The results from the clothing range of Marks and Spencer – that has long been the weaker twin to its strong food offering – will be closely monitored when the retailer reports this coming Wednesday, following the difficult results for many of its rivals.
The consensus estimates from 11 analysts imply that the FTSE 100 company will be posting half-year profits before tax amounting to £203 million, a decline of approximately nine percent from that of the previous year, amid the sales gloom that has resulted in poor results at the retailers including House of Fraser, John Lewis, and Next.
Analysts say that its like-for-like clothing and food sales are set to fall by 1.2 percent and two per cent respectively.
M&S was long seen as a bellwether for the high street. It has revealed a 62 percent drop in its profit when it reported its full-year results last May. It has also been suggested that it is likely to fall into the FTSE 250 soon.
It has increasingly attempted to divide its food and retail sectors, with Archie Norman, its chairman, restructuring the firm to have separate managing directors for its two major goods categories.

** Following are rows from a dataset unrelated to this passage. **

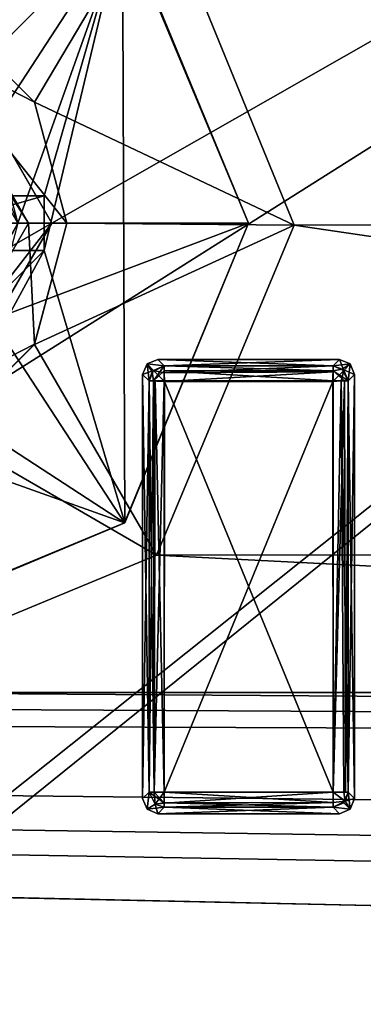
# Model space of a CAD drawing. Header units: millimetres. Extents: x -78 to 78, y -78 to 78.
# Tile 352 of 449: x 1.29 to 3.56, y 30.84 to 37.34. Entities that reach past the tile are written whole.
import ezdxf

# ---------------------------------------------------------------- set-up
doc = ezdxf.new("R2010")
doc.units = ezdxf.units.MM
doc.header["$LTSCALE"] = 41.718519
for name, color, linetype in [('10', 7, 'CONTINUOUS'), ('261', 7, 'CONTINUOUS'), ('262', 7, 'CONTINUOUS'), ('5293', 7, 'CONTINUOUS'), ('5294', 7, 'CONTINUOUS'), ('5327', 7, 'CONTINUOUS'), ('575', 7, 'CONTINUOUS'), ('576', 7, 'CONTINUOUS'), ('5766', 7, 'CONTINUOUS'), ('5767', 7, 'CONTINUOUS'), ('5768', 7, 'CONTINUOUS'), ('5769', 7, 'CONTINUOUS'), ('577', 7, 'CONTINUOUS'), ('5770', 7, 'CONTINUOUS'), ('5771', 7, 'CONTINUOUS'), ('5772', 7, 'CONTINUOUS'), ('5773', 7, 'CONTINUOUS'), ('5774', 7, 'CONTINUOUS'), ('5775', 7, 'CONTINUOUS'), ('5776', 7, 'CONTINUOUS'), ('5777', 7, 'CONTINUOUS'), ('5778', 7, 'CONTINUOUS'), ('5779', 7, 'CONTINUOUS'), ('578', 7, 'CONTINUOUS'), ('5780', 7, 'CONTINUOUS'), ('5781', 7, 'CONTINUOUS'), ('5782', 7, 'CONTINUOUS'), ('5783', 7, 'CONTINUOUS'), ('5784', 7, 'CONTINUOUS'), ('5785', 7, 'CONTINUOUS'), ('5786', 7, 'CONTINUOUS'), ('5787', 7, 'CONTINUOUS'), ('5788', 7, 'CONTINUOUS'), ('5789', 7, 'CONTINUOUS'), ('579', 7, 'CONTINUOUS'), ('5790', 7, 'CONTINUOUS'), ('5791', 7, 'CONTINUOUS'), ('5792', 7, 'CONTINUOUS'), ('5793', 7, 'CONTINUOUS'), ('5794', 7, 'CONTINUOUS'), ('5795', 7, 'CONTINUOUS'), ('5796', 7, 'CONTINUOUS'), ('5797', 7, 'CONTINUOUS'), ('5798', 7, 'CONTINUOUS'), ('5799', 7, 'CONTINUOUS'), ('5800', 7, 'CONTINUOUS'), ('5801', 7, 'CONTINUOUS'), ('5802', 7, 'CONTINUOUS'), ('5803', 7, 'CONTINUOUS'), ('5804', 7, 'CONTINUOUS'), ('5805', 7, 'CONTINUOUS'), ('5806', 7, 'CONTINUOUS'), ('582', 7, 'CONTINUOUS'), ('583', 7, 'CONTINUOUS'), ('584', 7, 'CONTINUOUS'), ('585', 7, 'CONTINUOUS'), ('586', 7, 'CONTINUOUS'), ('59', 7, 'CONTINUOUS'), ('597', 7, 'CONTINUOUS'), ('60', 7, 'CONTINUOUS'), ('603', 7, 'CONTINUOUS'), ('604', 7, 'CONTINUOUS'), ('748', 7, 'CONTINUOUS'), ('971', 7, 'CONTINUOUS')]:
    doc.layers.add(name, color=color, linetype=linetype)

msp = doc.modelspace()

# ---------------------------------------------------------------- linework, layer by layer
at = {"layer": '10', "linetype": 'CONTINUOUS'}
for points in [[(17.8091, 38.1929, -2), (16.9004, 36.0125, -2), (2.2046, 38.179, -2), (17.8091, 38.1929, -2)], [(2.2046, 38.179, -2), (16.9004, 36.0125, -2), (3.0996, 35.9875, -2), (2.2046, 38.179, -2)], [(3.0996, 35.9875, -2), (17.7954, 33.821, -2), (2.1909, 33.8071, -2), (3.0996, 35.9875, -2)], [(16.9004, 36.0125, -2), (17.7954, 33.821, -2), (3.0996, 35.9875, -2), (16.9004, 36.0125, -2)], [(17.7954, 33.821, -2), (20, 32.9, -2), (2.1909, 33.8071, -2), (17.7954, 33.821, -2)], [(2.1909, 33.8071, -2), (20, 32.9, -2), (0, 32.9, -2), (2.1909, 33.8071, -2)], [(48.5, 30.5, -2), (-72.626, 23.2263, -2), (-60, 32.9, -2), (48.5, 30.5, -2)], [(48.5, 31, -2), (48.5, 30.5, -2), (-60, 32.9, -2), (48.5, 31, -2)], [(68.107, 31, -2), (48.5, 31, -2), (-60, 32.9, -2), (68.107, 31, -2)], [(68.9507, 31.4642, -2), (68.107, 31, -2), (-60, 32.9, -2), (68.9507, 31.4642, -2)], [(69.0121, 32.4252, -2), (68.9507, 31.4642, -2), (-60, 32.9, -2), (69.0121, 32.4252, -2)], [(69.0121, 32.4252, -2), (-60, 32.9, -2), (-20, 32.9, -2), (69.0121, 32.4252, -2)], [(69.0121, 32.4252, -2), (-20, 32.9, -2), (0, 32.9, -2), (69.0121, 32.4252, -2)], [(20, 32.9, -2), (69.0121, 32.4252, -2), (0, 32.9, -2), (20, 32.9, -2)]]:
    msp.add_3dface(points, dxfattribs=at)
at = {"layer": '261', "linetype": 'CONTINUOUS'}
for points in [[(0.7986, 37.3856), (1.3856, 36.7986), (0.6715, 37.1651), (0.7986, 37.3856)], [(1.3856, 36.7986), (1.6, 36), (0.6715, 37.1651), (1.3856, 36.7986)], [(1.6, 36), (1.3453, 36), (0.6715, 37.1651), (1.6, 36)], [(1.3453, 36), (1.3856, 35.2014), (0.6715, 34.8349), (1.3453, 36)], [(1.6, 36), (1.3856, 35.2014), (1.3453, 36), (1.6, 36)], [(1.3856, 35.2014), (0.7986, 34.6144), (0.6715, 34.8349), (1.3856, 35.2014)]]:
    msp.add_3dface(points, dxfattribs=at)
at = {"layer": '262', "linetype": 'CONTINUOUS'}
for points in [[(15, 43.6998, 2), (-15, 43.6998, 2), (-0.7487, 37.299, 2), (15, 43.6998, 2)], [(0.7487, -34.701, 2), (15, 43.6998, 2), (-0.7487, -34.701, 2), (0.7487, -34.701, 2)], [(-0.7487, -34.701, 2), (15, 43.6998, 2), (0.7487, 34.701, 2), (-0.7487, -34.701, 2)], [(0.7487, 37.299, 2), (15, 43.6998, 2), (-0.7487, 37.299, 2), (0.7487, 37.299, 2)], [(1.5, -36, 2), (15, 43.6998, 2), (0.7487, -34.701, 2), (1.5, -36, 2)], [(0.7487, 34.701, 2), (15, 43.6998, 2), (1.5, 36, 2), (0.7487, 34.701, 2)], [(1.5, 36, 2), (15, 43.6998, 2), (0.7487, 37.299, 2), (1.5, 36, 2)], [(15, -43.6998, 2), (15, 43.6998, 2), (1.5, -36, 2), (15, -43.6998, 2)]]:
    msp.add_3dface(points, dxfattribs=at)
at = {"layer": '5293', "linetype": 'CONTINUOUS'}
for points in [[(0.75, 37.299, 2), (1.5, 36, 2), (0.75, 37.299), (0.75, 37.299, 2)], [(0.75, 37.299), (1.5, 36, 2), (1.5, 36), (0.75, 37.299)]]:
    msp.add_3dface(points, dxfattribs=at)
at = {"layer": '5294', "linetype": 'CONTINUOUS'}
for points in [[(1.5, 36), (1.5, 36, 2), (0.75, 34.701, 2), (1.5, 36)], [(1.5, 36), (0.75, 34.701, 2), (0.75, 34.701), (1.5, 36)]]:
    msp.add_3dface(points, dxfattribs=at)
at = {"layer": '5327', "linetype": 'CONTINUOUS'}
for points in [[(0.754, 37.2967, 0.55), (1.275, 36, 0.55), (1.5, 36, 0.55), (0.754, 37.2967, 0.55)], [(1.275, 36, 0.55), (0.6409, 34.8978, 0.55), (1.5, 36, 0.55), (1.275, 36, 0.55)], [(1.5, 36, 0.55), (0.6409, 34.8978, 0.55), (0.7435, 34.6973, 0.55), (1.5, 36, 0.55)]]:
    msp.add_3dface(points, dxfattribs=at)
at = {"layer": '575', "linetype": 'CONTINUOUS'}
for points in [[(0.754, 37.2967, 3), (-1.5, 36, 3), (1.5, 36, 3), (0.754, 37.2967, 3)], [(1.5, 36, 3), (-1.5, 36, 3), (-0.754, 34.7033, 3), (1.5, 36, 3)], [(0.7435, 34.6973, 3), (1.5, 36, 3), (-0.754, 34.7033, 3), (0.7435, 34.6973, 3)]]:
    msp.add_3dface(points, dxfattribs=at)
at = {"layer": '576', "linetype": 'CONTINUOUS'}
for points in [[(1.5, 36, 2), (0.7487, 37.299, 2), (1.5, 36, 3), (1.5, 36, 2)], [(0.7487, 37.299, 2), (0.754, 37.2967, 3), (1.5, 36, 3), (0.7487, 37.299, 2)]]:
    msp.add_3dface(points, dxfattribs=at)
at = {"layer": '5766', "color": 7, "linetype": 'CONTINUOUS'}
for points in [[(2.2418, 32.2418, 21.683), (2.2418, 34.958, 21.683), (3.358, 32.2418, 21.683), (2.2418, 32.2418, 21.683)], [(3.358, 32.2418, 21.683), (2.2418, 34.958, 21.683), (3.358, 34.958, 21.683), (3.358, 32.2418, 21.683)]]:
    msp.add_3dface(points, dxfattribs=at)
at = {"layer": '5767', "color": 7, "linetype": 'CONTINUOUS'}
for points in [[(2.2418, 32.1708, 21.7126), (2.2418, 32.2418, 21.683), (3.3559, 32.1736, 21.7098), (2.2418, 32.1708, 21.7126)], [(3.3559, 32.1736, 21.7098), (2.2418, 32.2418, 21.683), (3.358, 32.2418, 21.683), (3.3559, 32.1736, 21.7098)], [(3.358, 32.1424, 21.7725), (2.2418, 32.1708, 21.7126), (3.3559, 32.1736, 21.7098), (3.358, 32.1424, 21.7725)], [(3.358, 32.1424, 21.7725), (2.2418, 32.1421, 21.7751), (2.2418, 32.1708, 21.7126), (3.358, 32.1424, 21.7725)]]:
    msp.add_3dface(points, dxfattribs=at)
at = {"layer": '5768', "color": 7, "linetype": 'CONTINUOUS'}
for points in [[(3.4002, 32.0999, 22.1765), (2.1997, 32.0999, 22.1765), (3.358, 32.1424, 21.7725), (3.4002, 32.0999, 22.1765)], [(3.358, 32.1424, 21.7725), (2.1997, 32.0999, 22.1765), (2.2418, 32.1421, 21.7751), (3.358, 32.1424, 21.7725)]]:
    msp.add_3dface(points, dxfattribs=at)
at = {"layer": '5769', "color": 7, "linetype": 'CONTINUOUS'}
for points in [[(3.4575, 32.2418, 21.7725), (3.4705, 32.1291, 22.1743), (3.428, 32.1719, 21.7683), (3.4575, 32.2418, 21.7725)], [(3.4999, 32.1996, 22.1765), (3.4705, 32.1291, 22.1743), (3.4575, 32.2418, 21.7725), (3.4999, 32.1996, 22.1765)], [(3.4705, 32.1291, 22.1743), (3.358, 32.1424, 21.7725), (3.428, 32.1719, 21.7683), (3.4705, 32.1291, 22.1743)], [(3.4705, 32.1291, 22.1743), (3.4002, 32.0999, 22.1765), (3.358, 32.1424, 21.7725), (3.4705, 32.1291, 22.1743)]]:
    msp.add_3dface(points, dxfattribs=at)
at = {"layer": '577', "linetype": 'CONTINUOUS'}
for points in [[(0.7487, 34.701, 2), (1.5, 36, 2), (0.7435, 34.6973, 3), (0.7487, 34.701, 2)], [(1.5, 36, 2), (1.5, 36, 3), (0.7435, 34.6973, 3), (1.5, 36, 2)]]:
    msp.add_3dface(points, dxfattribs=at)
at = {"layer": '5770', "color": 7, "linetype": 'CONTINUOUS'}
for points in [[(3.4999, 32.1996, 22.1765), (3.4706, 32.1292, 22.2786), (3.4705, 32.1291, 22.1743), (3.4999, 32.1996, 22.1765)], [(3.4999, 32.1996, 22.2765), (3.4706, 32.1292, 22.2786), (3.4999, 32.1996, 22.1765), (3.4999, 32.1996, 22.2765)], [(3.4706, 32.1292, 22.2786), (3.4002, 32.0999, 22.2765), (3.4705, 32.1291, 22.1743), (3.4706, 32.1292, 22.2786)], [(3.4002, 32.0999, 22.2765), (3.4002, 32.0999, 22.1765), (3.4705, 32.1291, 22.1743), (3.4002, 32.0999, 22.2765)]]:
    msp.add_3dface(points, dxfattribs=at)
at = {"layer": '5771', "color": 7, "linetype": 'CONTINUOUS'}
for points in [[(3.4575, 32.2418, 22.6805), (3.4367, 32.1818, 22.6846), (3.4999, 32.1996, 22.2765), (3.4575, 32.2418, 22.6805)], [(3.4999, 32.1996, 22.2765), (3.4367, 32.1818, 22.6846), (3.4706, 32.1292, 22.2786), (3.4999, 32.1996, 22.2765)], [(3.4367, 32.1818, 22.6846), (3.358, 32.1421, 22.6779), (3.4706, 32.1292, 22.2786), (3.4367, 32.1818, 22.6846)], [(3.4706, 32.1292, 22.2786), (3.358, 32.1421, 22.6779), (3.4002, 32.0999, 22.2765), (3.4706, 32.1292, 22.2786)]]:
    msp.add_3dface(points, dxfattribs=at)
at = {"layer": '5772', "color": 7, "linetype": 'CONTINUOUS'}
for points in [[(2.1421, 34.958, 21.7751), (2.1708, 34.958, 21.7126), (2.1424, 32.2418, 21.7725), (2.1421, 34.958, 21.7751)], [(2.1424, 32.2418, 21.7725), (2.1708, 34.958, 21.7126), (2.1749, 32.2418, 21.7087), (2.1424, 32.2418, 21.7725)], [(2.1708, 34.958, 21.7126), (2.2418, 34.958, 21.683), (2.1749, 32.2418, 21.7087), (2.1708, 34.958, 21.7126)], [(2.2418, 34.958, 21.683), (2.2418, 32.2418, 21.683), (2.1749, 32.2418, 21.7087), (2.2418, 34.958, 21.683)]]:
    msp.add_3dface(points, dxfattribs=at)
at = {"layer": '5773', "color": 7, "linetype": 'CONTINUOUS'}
for points in [[(3.358, 32.2418, 22.77), (3.358, 32.175, 22.7444), (3.4367, 32.1818, 22.6846), (3.358, 32.2418, 22.77)], [(3.358, 32.2418, 22.77), (3.4367, 32.1818, 22.6846), (3.4292, 32.2418, 22.7402), (3.358, 32.2418, 22.77)], [(3.4367, 32.1818, 22.6846), (3.4575, 32.2418, 22.6805), (3.4292, 32.2418, 22.7402), (3.4367, 32.1818, 22.6846)], [(3.358, 32.175, 22.7444), (3.358, 32.1421, 22.6779), (3.4367, 32.1818, 22.6846), (3.358, 32.175, 22.7444)]]:
    msp.add_3dface(points, dxfattribs=at)
at = {"layer": '5774', "color": 7, "linetype": 'CONTINUOUS'}
for points in [[(2.1424, 32.2418, 21.7725), (2.1749, 32.2418, 21.7087), (2.2418, 32.1708, 21.7126), (2.1424, 32.2418, 21.7725)], [(2.1424, 32.2418, 21.7725), (2.2418, 32.1708, 21.7126), (2.1818, 32.1632, 21.7684), (2.1424, 32.2418, 21.7725)], [(2.1749, 32.2418, 21.7087), (2.2418, 32.2418, 21.683), (2.2418, 32.1708, 21.7126), (2.1749, 32.2418, 21.7087)], [(2.2418, 32.1708, 21.7126), (2.2418, 32.1421, 21.7751), (2.1818, 32.1632, 21.7684), (2.2418, 32.1708, 21.7126)]]:
    msp.add_3dface(points, dxfattribs=at)
at = {"layer": '5775', "color": 7, "linetype": 'CONTINUOUS'}
for points in [[(2.2418, 35.0249, 21.7087), (2.2418, 35.0574, 21.7725), (3.358, 35.0249, 21.7087), (2.2418, 35.0249, 21.7087)], [(3.358, 35.0249, 21.7087), (2.2418, 35.0574, 21.7725), (3.358, 35.0574, 21.7725), (3.358, 35.0249, 21.7087)], [(3.358, 34.958, 21.683), (2.2418, 34.958, 21.683), (2.2418, 35.0249, 21.7087), (3.358, 34.958, 21.683)], [(3.358, 34.958, 21.683), (2.2418, 35.0249, 21.7087), (3.358, 35.0249, 21.7087), (3.358, 34.958, 21.683)]]:
    msp.add_3dface(points, dxfattribs=at)
at = {"layer": '5776', "color": 7, "linetype": 'CONTINUOUS'}
for points in [[(3.358, 32.2418, 22.77), (2.2418, 32.2418, 22.77), (2.2418, 32.1706, 22.7402), (3.358, 32.2418, 22.77)], [(3.358, 32.2418, 22.77), (2.2418, 32.1706, 22.7402), (3.358, 32.175, 22.7444), (3.358, 32.2418, 22.77)], [(2.2418, 32.1706, 22.7402), (2.2418, 32.1424, 22.6805), (3.358, 32.175, 22.7444), (2.2418, 32.1706, 22.7402)], [(3.358, 32.175, 22.7444), (2.2418, 32.1424, 22.6805), (3.358, 32.1421, 22.6779), (3.358, 32.175, 22.7444)]]:
    msp.add_3dface(points, dxfattribs=at)
at = {"layer": '5777', "color": 7, "linetype": 'CONTINUOUS'}
for points in [[(3.4002, 32.0999, 22.2765), (2.1997, 32.0999, 22.2765), (3.4002, 32.0999, 22.1765), (3.4002, 32.0999, 22.2765)], [(3.4002, 32.0999, 22.1765), (2.1997, 32.0999, 22.2765), (2.1997, 32.0999, 22.1765), (3.4002, 32.0999, 22.1765)]]:
    msp.add_3dface(points, dxfattribs=at)
at = {"layer": '5778', "color": 7, "linetype": 'CONTINUOUS'}
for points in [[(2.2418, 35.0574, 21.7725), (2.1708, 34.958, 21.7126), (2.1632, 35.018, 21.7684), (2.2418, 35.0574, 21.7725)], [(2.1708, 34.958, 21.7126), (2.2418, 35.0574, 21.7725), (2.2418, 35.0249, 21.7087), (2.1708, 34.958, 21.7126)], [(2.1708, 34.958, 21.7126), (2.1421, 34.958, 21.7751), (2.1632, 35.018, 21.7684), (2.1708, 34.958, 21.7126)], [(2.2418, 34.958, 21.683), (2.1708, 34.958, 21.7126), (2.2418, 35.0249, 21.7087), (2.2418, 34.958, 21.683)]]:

It is also planning to shut down 100 stores by 2022, as it tries to match a pivot toward online shopping among its consumers.
An analyst at CMC Markets, Michael Hewson, stated: “for all of the problems in the retail sector this year, the fact that M&S shares are only down a modest seven per cent is a little surprising given that it saw profits fall by 62 per cent when it reported full-year results in May this year.”
Hewson said that weak results at some of the other high street clothing outlets “could be indicative of a wider malaise in the high street.”
He added: “The M&S food offering still remains a bright spot.
He continued: “Though even here it is getting squeezed as a result of the emergence of Aldi and Lidl, which has compressed margins in the food retail space.”